Use SWE-Bench Verified (vals.ai) and GDPval-AA (Artificial Analysis) for deployment decisions. Wait for Epoch AI independent evaluation before citing SWE-Bench Pro in comparative analysis.

The part nobody mentions in launch coverage: Epoch AI’s independent evaluation of Fable 5 is pending as of June 10, 2026. Epoch AI is the closest thing the field has to a neutral authority on frontier model capabilities. Until that evaluation publishes, every SWE-Bench Pro comparison involving Anthropic’s scaffolding carries an asterisk.

Two things are confirmed without qualification. Fable 5’s safeguard system triggers in less than 5% of sessions and redirects high-risk queries to Claude Opus 4.8, that’s confirmed from Anthropic’s primary announcement page, verbatim. Claude Mythos 5, same underlying model, safeguards lifted, is available to a small group of vetted cyberdefenders and infrastructure providers under Project Glasswing. Those facts aren’t contested.

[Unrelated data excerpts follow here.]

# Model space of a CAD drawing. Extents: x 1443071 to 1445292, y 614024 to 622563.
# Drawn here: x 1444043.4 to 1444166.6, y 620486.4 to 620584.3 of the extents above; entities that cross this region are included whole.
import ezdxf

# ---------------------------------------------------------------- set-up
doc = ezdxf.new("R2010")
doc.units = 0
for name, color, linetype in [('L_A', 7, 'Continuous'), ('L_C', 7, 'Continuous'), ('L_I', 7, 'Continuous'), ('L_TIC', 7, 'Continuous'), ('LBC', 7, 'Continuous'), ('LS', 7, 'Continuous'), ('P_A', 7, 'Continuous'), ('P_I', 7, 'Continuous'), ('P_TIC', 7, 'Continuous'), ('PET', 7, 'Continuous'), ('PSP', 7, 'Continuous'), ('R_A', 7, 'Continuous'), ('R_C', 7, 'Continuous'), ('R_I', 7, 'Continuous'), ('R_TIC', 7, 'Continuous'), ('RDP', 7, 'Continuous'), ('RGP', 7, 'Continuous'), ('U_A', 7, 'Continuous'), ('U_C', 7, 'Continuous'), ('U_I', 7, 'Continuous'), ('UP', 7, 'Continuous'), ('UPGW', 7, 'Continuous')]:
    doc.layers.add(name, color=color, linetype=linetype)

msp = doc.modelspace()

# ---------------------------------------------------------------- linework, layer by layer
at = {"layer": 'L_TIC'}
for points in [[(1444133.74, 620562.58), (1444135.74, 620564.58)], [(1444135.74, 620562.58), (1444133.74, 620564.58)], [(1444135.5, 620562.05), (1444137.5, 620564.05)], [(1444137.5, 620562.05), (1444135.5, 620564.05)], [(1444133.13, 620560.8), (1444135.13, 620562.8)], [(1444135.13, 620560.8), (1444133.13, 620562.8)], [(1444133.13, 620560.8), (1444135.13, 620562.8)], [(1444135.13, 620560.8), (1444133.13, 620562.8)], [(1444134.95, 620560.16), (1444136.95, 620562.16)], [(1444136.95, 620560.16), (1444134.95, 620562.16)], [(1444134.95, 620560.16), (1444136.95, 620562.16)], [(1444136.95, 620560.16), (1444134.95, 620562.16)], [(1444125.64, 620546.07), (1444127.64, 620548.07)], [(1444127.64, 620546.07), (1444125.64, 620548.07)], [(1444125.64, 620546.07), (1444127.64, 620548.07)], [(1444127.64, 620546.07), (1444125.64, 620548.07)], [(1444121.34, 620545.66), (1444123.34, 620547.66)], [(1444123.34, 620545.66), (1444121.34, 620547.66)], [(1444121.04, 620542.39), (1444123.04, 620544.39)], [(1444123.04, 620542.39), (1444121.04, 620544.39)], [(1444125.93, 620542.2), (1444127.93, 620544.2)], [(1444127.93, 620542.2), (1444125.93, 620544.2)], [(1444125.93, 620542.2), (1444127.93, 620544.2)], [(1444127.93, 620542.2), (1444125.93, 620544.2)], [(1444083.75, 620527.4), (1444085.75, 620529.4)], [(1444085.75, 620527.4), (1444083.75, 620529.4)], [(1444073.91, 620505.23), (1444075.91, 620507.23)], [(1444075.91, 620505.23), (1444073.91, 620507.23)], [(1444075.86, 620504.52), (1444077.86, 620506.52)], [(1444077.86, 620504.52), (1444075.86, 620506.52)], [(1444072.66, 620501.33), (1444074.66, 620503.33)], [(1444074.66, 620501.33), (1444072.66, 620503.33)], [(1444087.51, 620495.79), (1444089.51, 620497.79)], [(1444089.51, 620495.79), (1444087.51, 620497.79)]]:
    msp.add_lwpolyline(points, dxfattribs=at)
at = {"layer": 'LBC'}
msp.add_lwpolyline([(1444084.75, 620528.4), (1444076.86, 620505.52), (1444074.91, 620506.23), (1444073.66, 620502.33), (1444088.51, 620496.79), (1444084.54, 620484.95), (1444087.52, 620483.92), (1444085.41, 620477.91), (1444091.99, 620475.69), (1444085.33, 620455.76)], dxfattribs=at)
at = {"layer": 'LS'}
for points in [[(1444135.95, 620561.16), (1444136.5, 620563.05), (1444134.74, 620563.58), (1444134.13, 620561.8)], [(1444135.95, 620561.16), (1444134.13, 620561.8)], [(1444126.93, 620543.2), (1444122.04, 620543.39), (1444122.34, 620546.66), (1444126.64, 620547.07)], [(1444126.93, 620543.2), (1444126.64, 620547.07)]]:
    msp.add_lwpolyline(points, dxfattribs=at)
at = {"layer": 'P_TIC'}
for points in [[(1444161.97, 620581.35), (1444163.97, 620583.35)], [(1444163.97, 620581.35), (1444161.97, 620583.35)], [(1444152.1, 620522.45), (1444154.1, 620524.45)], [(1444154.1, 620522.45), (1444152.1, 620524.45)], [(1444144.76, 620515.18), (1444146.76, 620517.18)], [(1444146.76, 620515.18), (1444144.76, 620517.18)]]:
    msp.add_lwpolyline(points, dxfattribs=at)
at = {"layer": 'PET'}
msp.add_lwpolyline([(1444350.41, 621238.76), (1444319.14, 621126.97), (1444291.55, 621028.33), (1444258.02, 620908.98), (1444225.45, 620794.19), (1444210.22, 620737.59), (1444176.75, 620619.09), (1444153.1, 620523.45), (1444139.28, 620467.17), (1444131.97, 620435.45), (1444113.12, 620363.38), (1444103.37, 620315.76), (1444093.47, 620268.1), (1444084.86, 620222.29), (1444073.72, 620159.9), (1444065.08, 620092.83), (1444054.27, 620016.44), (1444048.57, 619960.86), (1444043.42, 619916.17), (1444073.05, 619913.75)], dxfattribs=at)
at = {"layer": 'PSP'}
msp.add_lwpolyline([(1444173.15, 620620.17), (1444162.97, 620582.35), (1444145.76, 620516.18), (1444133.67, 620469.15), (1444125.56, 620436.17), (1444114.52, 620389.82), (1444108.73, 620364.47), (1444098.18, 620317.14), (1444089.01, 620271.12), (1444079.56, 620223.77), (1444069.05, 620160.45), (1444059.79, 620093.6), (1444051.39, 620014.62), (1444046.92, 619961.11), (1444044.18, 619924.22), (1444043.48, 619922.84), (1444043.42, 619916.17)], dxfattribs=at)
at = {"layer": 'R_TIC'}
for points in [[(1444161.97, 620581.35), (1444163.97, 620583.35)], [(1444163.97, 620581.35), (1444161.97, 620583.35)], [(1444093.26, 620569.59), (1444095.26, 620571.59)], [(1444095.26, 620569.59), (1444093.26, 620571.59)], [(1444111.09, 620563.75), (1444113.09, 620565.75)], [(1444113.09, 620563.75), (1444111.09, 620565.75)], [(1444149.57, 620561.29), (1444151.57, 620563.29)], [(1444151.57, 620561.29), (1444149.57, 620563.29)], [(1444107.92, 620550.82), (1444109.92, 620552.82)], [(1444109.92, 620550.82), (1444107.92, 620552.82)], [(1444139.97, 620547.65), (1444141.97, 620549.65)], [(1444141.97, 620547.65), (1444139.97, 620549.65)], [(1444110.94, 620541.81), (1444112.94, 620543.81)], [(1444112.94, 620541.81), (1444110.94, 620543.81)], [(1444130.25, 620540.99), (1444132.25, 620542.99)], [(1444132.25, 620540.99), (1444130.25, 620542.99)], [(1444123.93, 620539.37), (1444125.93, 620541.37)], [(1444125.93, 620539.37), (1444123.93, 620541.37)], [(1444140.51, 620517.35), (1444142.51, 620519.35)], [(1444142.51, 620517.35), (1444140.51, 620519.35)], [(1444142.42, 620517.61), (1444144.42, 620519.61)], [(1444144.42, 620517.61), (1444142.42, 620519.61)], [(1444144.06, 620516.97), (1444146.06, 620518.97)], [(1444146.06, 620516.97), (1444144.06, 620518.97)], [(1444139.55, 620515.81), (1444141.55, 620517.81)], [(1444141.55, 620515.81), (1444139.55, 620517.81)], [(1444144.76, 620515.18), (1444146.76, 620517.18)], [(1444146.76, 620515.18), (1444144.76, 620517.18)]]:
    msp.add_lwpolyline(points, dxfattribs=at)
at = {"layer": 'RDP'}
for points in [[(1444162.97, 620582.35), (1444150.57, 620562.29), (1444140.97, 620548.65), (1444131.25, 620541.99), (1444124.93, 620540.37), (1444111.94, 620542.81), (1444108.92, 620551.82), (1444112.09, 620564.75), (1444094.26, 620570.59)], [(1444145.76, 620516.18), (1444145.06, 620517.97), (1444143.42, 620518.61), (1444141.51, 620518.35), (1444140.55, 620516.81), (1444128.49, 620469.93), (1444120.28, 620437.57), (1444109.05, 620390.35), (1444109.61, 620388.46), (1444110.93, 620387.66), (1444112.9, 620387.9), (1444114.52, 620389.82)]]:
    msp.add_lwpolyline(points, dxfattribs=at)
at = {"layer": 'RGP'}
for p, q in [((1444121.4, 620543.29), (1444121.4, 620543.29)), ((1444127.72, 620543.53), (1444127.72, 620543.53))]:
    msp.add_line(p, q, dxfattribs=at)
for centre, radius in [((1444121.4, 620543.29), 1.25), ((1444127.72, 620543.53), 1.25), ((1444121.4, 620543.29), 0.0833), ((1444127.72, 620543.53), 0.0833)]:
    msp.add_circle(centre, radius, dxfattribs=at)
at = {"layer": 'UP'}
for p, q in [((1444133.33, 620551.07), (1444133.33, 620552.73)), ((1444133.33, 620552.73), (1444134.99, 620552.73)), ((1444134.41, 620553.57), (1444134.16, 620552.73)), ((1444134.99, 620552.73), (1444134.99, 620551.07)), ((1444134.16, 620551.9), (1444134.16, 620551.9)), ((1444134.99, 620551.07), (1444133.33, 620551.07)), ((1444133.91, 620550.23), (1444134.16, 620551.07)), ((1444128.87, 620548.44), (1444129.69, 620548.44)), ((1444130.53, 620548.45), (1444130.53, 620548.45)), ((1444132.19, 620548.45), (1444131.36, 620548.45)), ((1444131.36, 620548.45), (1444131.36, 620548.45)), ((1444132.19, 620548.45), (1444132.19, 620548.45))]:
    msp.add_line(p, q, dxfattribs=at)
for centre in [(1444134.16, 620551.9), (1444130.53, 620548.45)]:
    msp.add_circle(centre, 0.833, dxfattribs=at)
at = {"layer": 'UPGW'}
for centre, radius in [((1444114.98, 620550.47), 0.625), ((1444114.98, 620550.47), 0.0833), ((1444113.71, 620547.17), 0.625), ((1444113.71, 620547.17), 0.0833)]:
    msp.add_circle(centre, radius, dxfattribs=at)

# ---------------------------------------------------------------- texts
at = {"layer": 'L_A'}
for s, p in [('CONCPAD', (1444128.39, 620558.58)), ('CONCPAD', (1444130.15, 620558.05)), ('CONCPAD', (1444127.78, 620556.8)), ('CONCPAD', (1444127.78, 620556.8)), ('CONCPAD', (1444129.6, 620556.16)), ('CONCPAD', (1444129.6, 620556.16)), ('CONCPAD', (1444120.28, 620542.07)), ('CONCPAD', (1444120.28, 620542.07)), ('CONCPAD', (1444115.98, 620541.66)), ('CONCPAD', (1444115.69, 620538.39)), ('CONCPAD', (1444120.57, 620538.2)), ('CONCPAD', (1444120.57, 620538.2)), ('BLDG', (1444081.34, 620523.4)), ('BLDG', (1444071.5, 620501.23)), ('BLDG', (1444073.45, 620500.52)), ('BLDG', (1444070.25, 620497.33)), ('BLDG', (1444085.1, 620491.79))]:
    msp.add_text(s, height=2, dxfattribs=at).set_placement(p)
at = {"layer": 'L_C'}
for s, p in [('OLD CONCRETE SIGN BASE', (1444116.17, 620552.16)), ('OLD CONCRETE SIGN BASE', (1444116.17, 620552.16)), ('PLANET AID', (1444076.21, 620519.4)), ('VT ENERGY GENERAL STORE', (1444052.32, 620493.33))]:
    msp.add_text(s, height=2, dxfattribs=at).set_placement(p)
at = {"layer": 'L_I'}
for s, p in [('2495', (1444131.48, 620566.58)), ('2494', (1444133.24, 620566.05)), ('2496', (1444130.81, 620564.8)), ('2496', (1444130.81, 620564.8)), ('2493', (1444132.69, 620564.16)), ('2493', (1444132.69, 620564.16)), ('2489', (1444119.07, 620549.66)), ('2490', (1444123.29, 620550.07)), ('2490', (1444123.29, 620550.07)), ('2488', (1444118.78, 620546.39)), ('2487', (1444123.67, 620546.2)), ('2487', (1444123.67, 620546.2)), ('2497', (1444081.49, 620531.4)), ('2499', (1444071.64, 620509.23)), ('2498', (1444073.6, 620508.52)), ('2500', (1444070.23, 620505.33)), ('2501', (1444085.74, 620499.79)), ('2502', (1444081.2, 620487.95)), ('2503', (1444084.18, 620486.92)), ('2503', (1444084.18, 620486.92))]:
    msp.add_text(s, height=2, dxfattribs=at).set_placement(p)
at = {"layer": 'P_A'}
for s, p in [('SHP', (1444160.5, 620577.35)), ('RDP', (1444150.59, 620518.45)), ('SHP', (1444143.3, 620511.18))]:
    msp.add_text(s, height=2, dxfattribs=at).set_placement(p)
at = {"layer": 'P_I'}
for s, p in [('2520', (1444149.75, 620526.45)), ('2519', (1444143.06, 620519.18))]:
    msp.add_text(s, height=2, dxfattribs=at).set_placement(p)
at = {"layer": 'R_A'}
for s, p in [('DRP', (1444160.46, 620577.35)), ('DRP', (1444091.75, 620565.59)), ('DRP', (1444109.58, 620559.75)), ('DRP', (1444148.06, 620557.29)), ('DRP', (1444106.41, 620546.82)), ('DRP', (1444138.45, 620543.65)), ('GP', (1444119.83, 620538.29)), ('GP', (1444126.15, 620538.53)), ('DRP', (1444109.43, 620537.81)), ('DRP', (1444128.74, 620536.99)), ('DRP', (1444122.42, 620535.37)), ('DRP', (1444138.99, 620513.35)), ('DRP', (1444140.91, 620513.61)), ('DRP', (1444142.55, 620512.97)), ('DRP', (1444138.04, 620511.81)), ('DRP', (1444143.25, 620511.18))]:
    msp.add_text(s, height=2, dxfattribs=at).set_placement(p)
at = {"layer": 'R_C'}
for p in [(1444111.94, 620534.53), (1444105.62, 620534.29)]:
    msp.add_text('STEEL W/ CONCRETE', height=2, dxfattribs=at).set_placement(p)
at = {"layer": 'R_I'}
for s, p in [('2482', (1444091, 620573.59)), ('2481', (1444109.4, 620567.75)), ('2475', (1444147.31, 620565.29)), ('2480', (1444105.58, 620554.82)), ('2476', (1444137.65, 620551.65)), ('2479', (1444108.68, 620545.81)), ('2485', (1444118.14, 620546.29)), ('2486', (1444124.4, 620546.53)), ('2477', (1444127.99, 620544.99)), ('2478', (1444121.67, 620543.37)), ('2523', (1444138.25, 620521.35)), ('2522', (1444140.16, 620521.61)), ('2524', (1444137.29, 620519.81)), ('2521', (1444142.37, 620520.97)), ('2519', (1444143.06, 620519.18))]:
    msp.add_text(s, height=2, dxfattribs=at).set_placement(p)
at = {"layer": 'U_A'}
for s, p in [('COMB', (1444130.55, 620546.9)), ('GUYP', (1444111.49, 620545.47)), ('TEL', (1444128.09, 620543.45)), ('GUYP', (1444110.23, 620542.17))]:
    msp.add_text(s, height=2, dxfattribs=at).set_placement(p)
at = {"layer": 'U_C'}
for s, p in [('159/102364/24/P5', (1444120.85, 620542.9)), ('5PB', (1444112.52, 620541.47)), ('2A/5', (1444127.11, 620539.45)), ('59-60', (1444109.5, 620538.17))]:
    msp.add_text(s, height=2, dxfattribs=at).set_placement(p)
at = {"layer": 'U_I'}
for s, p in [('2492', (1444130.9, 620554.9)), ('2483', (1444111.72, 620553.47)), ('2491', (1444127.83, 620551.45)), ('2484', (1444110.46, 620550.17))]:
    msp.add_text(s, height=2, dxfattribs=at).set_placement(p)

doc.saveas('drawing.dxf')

Stripe reported during early testing that Fable 5 completed a 50-million-line Ruby codebase migration in a single day, a task Stripe estimated would take a human engineering team more than two months. That’s a striking benchmark. It’s also Stripe-reported and distributed through Anthropic’s announcement materials. The T3 corroboration is consistent but downstream. “Stripe reported” is the right framing, not “Fable 5 proved.”

What to Watch

Epoch AI independent evaluation of Claude Fable 5Unknown, pending as of 2026-06-10

DeepSWE leaderboard updates and harness methodology disclosureOngoing

Neutral-harness SWE-Bench Pro re-evaluation by third partiesQ3 2026 expected

The catch is that teams evaluating Fable 5 for production coding workflows are currently working with an incomplete picture. SWE-Bench Verified at 95.0% (vals.ai) and GDPval-AA at 1,932 (Artificial Analysis) are the independently grounded figures. SWE-Bench Pro at 80.3% is vendor-reported under vendor conditions. These aren’t the same thing, and the difference matters for any team using benchmark comparisons to justify a migration decision.

Wait for Epoch AI’s independent evaluation before using SWE-Bench Pro figures in a deployment comparison. The vals.ai and Artificial Analysis numbers are the defensible starting point.